Horm Metab Res 1996; 28(9): 464-468
DOI: 10.1055/s-2007-979838
Mechanisms

© Georg Thieme Verlag Stuttgart · New York

Characterization of the Molecular Mode of Action of the Sulfonylurea, Glimepiride, at β-Cells

W. Kramer, G. Müller, K. Geisen
  • Hoechst AG, Frankfurt, TD Metabolic Diseases G 838, Frankfurt, Germany
Further Information

Publication History

Publication Date:
23 April 2007 (online)

Abstract

Glimepiride was compared with glibenclamide for its insulin secretion stimulating and β-cell membrane depolarizing activity as well as for its binding kinetics to β-cell membranes and for its β-cell membrane binding proteins. Steady state, kinetic and competitive binding studies revealed a 3- to 4-fold lower binding affinity of glimepiride to isolated β-cell membranes and intact β-cells compared to glibenclamide. Direct photoaffinity labeling of β-cell membrane proteins with the radiolabeled sulfonylureas identified a 65-kDa binding protein for glimepiride and a 140-kDa binding protein for glibenclamide which may be the basis for the different binding characteristics of the two sulfonylureas.
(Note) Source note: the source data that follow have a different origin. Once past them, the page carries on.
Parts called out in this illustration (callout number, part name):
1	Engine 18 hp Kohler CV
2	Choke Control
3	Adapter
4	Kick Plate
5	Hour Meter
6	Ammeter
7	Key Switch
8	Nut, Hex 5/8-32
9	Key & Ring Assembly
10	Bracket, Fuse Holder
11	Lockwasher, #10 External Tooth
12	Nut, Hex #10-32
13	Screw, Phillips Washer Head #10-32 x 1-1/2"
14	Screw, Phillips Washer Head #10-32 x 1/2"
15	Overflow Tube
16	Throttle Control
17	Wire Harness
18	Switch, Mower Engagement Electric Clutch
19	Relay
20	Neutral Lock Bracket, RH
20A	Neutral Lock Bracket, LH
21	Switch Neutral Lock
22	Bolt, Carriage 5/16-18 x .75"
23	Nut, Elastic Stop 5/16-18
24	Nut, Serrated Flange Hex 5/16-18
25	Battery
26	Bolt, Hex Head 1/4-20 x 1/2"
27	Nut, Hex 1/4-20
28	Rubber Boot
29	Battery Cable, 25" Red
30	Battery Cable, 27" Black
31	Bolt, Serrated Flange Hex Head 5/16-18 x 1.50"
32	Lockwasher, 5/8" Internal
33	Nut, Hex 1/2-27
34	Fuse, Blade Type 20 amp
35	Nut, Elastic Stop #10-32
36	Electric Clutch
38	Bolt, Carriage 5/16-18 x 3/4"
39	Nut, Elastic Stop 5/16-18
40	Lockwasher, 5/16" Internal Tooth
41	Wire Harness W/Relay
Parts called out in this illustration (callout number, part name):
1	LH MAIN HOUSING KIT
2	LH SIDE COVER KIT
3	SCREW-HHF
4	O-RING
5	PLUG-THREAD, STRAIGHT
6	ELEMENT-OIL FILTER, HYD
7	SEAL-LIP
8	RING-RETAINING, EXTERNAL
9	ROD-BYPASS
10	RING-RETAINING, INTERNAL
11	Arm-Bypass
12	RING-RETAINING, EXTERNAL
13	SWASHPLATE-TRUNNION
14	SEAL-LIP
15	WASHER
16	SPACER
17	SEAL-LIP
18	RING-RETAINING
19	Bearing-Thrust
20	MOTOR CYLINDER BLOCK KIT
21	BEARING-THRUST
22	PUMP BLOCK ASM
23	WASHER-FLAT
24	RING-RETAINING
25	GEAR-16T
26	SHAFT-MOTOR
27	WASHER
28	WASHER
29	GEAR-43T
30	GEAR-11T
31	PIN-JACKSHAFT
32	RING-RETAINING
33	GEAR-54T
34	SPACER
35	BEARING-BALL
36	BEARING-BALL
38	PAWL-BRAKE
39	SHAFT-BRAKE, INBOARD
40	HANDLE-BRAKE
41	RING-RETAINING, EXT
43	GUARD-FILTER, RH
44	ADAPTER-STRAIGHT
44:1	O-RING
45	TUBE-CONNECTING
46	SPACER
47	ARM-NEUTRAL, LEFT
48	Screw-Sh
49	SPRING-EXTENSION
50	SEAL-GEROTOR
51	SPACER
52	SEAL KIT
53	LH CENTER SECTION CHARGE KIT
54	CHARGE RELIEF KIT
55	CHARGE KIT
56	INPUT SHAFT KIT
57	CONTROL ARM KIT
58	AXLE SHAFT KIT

The inhibition of binding and photoaffinity labeling of glimepiride and glibenclamide to the 65- and 140-kDa protein, respectively, by glibenclamide and glimepiride can be explained with allosteric interactions between two distinct sulfonylurea binding proteins, subunits of a KATP protein complex, each regulating the open/closed-state of a common separate pore-forming subunit by allosteric interactions. Whole-cell patch-clamp experiments with RINm5F cells demonstrated a 3- to 4-fold lower depolarization activity of glimepiride compared to glibenclamide which correlates well with the lower binding affinity of glimepiride. The lower binding affinity and depolarization activity of glimepiride were not reflected in vitro in perifused islets and the isolated perfused pancreas of the rat. This discrepancy remains to be elucidated. The binding, depolarisation and insulin releasing characteristics of glimepiride and glibenclamide suggest that different sulfonylureas can interact with different components of KATP.